Restate word for word the lines of the records below, starting at the line that contains "Extrusion 1, solid, material" and ending at the line that contains "Revolve 2, solid, material", with both of those lines included and nothing else.
-------- Provided information --------
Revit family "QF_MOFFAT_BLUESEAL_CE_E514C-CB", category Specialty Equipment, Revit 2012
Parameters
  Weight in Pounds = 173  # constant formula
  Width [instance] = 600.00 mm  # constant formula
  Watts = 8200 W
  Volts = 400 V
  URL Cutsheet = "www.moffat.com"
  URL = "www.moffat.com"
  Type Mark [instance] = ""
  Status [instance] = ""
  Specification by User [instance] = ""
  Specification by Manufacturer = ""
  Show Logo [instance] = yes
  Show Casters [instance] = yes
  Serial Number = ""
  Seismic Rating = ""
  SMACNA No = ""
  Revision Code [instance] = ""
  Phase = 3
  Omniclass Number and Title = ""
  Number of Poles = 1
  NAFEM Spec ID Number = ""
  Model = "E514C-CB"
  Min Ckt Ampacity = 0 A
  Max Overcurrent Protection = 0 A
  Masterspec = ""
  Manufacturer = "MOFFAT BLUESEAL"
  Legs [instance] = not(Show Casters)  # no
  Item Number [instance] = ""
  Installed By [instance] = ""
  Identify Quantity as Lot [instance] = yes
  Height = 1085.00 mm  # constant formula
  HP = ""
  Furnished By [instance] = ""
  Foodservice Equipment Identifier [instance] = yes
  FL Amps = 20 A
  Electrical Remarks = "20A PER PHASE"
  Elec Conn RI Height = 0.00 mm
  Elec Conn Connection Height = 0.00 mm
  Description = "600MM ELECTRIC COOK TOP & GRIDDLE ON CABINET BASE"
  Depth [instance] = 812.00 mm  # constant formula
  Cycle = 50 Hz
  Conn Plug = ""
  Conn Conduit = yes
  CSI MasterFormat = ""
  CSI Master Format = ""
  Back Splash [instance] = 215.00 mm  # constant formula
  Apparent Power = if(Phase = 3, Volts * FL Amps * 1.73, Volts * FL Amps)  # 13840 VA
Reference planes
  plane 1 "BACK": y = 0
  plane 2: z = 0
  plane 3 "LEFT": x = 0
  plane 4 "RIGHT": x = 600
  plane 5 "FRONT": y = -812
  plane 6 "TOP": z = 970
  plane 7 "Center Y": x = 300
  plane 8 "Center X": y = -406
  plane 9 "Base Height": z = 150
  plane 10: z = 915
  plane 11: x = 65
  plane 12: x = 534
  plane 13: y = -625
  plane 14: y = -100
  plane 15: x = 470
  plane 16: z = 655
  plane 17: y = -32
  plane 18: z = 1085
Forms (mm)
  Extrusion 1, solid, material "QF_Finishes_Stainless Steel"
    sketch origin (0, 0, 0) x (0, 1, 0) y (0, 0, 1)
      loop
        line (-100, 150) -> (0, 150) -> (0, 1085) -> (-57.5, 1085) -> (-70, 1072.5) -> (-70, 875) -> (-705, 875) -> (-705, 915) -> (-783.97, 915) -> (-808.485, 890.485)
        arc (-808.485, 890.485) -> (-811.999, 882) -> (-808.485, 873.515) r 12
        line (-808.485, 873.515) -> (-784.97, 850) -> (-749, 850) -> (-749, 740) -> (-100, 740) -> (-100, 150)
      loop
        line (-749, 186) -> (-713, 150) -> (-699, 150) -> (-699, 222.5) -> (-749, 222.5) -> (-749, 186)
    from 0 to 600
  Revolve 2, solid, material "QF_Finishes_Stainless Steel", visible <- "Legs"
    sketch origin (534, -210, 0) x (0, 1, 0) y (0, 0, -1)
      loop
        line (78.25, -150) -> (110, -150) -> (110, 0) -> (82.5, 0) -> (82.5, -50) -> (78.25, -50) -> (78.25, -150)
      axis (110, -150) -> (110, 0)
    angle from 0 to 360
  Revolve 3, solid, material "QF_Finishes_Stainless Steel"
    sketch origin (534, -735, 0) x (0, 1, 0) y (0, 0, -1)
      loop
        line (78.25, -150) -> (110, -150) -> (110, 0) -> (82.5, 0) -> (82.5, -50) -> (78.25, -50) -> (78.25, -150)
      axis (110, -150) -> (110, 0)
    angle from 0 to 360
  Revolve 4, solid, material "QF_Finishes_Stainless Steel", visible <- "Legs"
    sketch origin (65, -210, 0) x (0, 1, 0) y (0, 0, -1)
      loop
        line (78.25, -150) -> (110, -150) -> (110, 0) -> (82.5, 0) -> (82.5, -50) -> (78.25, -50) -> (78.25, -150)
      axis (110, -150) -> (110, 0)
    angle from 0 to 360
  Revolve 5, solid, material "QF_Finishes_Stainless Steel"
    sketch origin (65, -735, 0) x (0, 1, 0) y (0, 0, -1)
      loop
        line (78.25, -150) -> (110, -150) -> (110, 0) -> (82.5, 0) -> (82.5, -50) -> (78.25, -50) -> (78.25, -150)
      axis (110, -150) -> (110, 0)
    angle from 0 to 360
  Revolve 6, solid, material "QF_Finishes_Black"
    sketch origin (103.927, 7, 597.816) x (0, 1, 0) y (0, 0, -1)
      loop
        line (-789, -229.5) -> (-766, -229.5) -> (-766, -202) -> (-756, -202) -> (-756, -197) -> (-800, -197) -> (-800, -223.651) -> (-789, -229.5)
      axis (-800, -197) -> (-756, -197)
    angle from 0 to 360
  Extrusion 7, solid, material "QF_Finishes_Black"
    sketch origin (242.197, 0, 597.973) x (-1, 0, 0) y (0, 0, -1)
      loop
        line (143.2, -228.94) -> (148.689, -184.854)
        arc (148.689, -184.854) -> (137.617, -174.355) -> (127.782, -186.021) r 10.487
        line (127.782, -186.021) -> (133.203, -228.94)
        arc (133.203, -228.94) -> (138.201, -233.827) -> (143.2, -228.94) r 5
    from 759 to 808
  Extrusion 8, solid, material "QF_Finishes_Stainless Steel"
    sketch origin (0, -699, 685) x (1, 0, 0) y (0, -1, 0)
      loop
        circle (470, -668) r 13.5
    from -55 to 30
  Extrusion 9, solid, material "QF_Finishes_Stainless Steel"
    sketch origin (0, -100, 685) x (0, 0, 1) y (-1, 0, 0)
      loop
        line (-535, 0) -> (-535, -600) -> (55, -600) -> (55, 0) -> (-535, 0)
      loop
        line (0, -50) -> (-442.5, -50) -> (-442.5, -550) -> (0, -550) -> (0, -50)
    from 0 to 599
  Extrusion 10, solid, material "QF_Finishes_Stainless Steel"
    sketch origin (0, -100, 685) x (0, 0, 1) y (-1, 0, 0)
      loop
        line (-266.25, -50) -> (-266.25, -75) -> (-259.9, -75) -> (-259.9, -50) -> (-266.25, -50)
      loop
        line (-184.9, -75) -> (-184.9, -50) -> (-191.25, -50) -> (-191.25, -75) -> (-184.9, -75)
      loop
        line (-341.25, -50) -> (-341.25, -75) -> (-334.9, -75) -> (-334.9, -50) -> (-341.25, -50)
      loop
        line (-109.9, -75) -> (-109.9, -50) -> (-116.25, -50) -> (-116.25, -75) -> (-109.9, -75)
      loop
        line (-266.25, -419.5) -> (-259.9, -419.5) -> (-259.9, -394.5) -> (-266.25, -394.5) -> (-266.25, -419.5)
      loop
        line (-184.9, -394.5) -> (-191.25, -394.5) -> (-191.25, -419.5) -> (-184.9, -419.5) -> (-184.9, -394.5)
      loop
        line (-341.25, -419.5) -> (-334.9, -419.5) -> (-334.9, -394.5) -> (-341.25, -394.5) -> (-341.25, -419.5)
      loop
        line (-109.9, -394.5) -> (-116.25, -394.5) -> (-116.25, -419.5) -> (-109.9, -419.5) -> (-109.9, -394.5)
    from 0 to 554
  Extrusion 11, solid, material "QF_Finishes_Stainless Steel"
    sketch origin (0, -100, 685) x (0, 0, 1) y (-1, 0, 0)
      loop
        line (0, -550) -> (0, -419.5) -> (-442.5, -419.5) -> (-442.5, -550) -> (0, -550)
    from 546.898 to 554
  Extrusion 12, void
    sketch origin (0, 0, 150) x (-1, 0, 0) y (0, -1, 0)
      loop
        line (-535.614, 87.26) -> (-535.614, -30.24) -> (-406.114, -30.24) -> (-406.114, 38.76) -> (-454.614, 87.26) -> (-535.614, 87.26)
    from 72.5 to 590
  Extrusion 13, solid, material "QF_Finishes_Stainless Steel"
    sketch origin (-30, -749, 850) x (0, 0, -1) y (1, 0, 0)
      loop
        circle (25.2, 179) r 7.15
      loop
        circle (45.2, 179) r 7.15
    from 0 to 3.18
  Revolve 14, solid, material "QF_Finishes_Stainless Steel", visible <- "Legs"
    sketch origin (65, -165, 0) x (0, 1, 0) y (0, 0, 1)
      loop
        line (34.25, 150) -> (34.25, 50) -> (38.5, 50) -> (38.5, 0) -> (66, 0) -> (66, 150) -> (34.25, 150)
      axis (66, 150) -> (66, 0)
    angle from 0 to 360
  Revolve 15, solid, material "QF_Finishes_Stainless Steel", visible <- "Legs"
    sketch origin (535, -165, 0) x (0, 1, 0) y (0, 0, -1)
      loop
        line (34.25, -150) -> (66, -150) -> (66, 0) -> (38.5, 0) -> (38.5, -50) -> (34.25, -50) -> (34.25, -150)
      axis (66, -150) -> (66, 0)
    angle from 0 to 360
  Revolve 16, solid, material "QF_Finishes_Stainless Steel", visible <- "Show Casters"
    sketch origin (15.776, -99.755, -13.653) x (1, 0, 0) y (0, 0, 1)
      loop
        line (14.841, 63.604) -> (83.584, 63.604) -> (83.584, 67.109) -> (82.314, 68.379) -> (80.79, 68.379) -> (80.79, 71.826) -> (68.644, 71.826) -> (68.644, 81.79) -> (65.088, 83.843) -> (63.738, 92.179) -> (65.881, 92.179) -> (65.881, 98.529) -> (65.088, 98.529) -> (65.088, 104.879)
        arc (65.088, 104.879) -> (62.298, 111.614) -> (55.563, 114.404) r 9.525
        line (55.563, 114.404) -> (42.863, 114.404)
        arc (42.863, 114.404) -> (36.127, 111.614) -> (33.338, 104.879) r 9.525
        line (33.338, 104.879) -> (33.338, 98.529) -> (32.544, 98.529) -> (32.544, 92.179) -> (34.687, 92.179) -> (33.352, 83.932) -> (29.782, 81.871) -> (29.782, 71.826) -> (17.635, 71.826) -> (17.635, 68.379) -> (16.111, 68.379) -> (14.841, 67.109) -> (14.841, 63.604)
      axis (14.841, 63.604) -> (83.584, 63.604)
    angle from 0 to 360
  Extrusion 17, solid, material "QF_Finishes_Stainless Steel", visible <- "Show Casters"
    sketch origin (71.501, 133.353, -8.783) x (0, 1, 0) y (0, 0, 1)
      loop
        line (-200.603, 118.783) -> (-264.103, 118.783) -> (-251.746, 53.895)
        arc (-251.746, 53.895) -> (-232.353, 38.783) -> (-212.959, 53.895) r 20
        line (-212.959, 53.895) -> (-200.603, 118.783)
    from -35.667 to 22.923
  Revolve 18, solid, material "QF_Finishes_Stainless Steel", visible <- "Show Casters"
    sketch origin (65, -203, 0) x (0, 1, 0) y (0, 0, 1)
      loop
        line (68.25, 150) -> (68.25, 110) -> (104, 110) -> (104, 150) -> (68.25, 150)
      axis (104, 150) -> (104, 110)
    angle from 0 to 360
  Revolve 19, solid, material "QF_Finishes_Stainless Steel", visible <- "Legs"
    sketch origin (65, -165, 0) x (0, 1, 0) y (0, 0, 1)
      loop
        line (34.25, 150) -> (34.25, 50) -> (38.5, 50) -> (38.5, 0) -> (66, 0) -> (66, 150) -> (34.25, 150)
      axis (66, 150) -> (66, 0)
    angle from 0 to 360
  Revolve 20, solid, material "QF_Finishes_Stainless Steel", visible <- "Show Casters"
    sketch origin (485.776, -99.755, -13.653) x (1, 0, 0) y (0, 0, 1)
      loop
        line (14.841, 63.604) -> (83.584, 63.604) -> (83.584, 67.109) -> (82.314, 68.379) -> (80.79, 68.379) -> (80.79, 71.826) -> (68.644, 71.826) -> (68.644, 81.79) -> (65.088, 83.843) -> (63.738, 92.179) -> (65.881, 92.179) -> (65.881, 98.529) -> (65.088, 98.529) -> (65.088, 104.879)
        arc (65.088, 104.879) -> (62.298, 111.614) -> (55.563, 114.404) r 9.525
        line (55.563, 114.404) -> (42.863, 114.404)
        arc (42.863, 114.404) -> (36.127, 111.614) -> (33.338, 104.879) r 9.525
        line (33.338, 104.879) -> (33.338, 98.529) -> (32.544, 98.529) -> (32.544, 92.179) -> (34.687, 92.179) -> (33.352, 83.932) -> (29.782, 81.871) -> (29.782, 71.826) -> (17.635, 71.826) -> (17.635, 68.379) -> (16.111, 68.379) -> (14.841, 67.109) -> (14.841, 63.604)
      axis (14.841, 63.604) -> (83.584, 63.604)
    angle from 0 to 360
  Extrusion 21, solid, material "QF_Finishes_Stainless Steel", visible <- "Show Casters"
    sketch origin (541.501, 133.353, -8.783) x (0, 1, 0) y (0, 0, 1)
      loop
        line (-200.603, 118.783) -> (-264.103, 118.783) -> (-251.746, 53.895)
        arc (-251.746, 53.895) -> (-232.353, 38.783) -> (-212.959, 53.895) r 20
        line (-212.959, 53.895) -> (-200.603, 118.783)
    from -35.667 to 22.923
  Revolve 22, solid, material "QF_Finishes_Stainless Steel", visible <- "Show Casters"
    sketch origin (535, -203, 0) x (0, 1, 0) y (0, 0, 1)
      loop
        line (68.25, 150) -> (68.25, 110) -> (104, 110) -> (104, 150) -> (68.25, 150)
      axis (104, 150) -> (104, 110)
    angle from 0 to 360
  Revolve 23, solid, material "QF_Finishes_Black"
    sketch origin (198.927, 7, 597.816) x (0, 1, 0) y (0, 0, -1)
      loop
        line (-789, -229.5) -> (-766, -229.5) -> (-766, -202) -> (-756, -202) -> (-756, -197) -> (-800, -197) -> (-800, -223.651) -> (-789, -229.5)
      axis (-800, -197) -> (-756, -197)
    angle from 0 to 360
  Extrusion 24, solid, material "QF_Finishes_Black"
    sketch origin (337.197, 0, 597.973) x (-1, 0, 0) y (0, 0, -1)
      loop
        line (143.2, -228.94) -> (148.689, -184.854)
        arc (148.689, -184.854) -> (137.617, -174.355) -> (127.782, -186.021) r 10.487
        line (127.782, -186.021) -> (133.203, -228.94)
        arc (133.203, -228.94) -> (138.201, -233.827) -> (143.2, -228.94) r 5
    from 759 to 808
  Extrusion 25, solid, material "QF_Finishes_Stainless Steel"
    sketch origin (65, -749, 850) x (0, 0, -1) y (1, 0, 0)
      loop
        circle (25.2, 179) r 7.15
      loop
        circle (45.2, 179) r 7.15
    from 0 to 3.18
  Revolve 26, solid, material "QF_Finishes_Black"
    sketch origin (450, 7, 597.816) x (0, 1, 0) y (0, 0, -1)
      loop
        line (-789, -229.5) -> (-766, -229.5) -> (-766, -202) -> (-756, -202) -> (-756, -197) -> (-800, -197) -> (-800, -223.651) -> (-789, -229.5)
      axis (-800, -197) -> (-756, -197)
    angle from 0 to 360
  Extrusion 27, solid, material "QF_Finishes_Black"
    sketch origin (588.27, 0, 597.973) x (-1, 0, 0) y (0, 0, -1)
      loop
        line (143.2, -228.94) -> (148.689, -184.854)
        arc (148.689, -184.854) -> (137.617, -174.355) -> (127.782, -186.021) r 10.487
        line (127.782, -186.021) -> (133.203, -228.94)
--------
* _Answer to this exercise_:
  Extrusion 1, solid, material "QF_Finishes_Stainless Steel"
    sketch origin (0, 0, 0) x (0, 1, 0) y (0, 0, 1)
      loop
        line (-100, 150) -> (0, 150) -> (0, 1085) -> (-57.5, 1085) -> (-70, 1072.5) -> (-70, 875) -> (-705, 875) -> (-705, 915) -> (-783.97, 915) -> (-808.485, 890.485)
        arc (-808.485, 890.485) -> (-811.999, 882) -> (-808.485, 873.515) r 12
        line (-808.485, 873.515) -> (-784.97, 850) -> (-749, 850) -> (-749, 740) -> (-100, 740) -> (-100, 150)
      loop
        line (-749, 186) -> (-713, 150) -> (-699, 150) -> (-699, 222.5) -> (-749, 222.5) -> (-749, 186)
    from 0 to 600
  Revolve 2, solid, material "QF_Finishes_Stainless Steel", visible <- "Legs"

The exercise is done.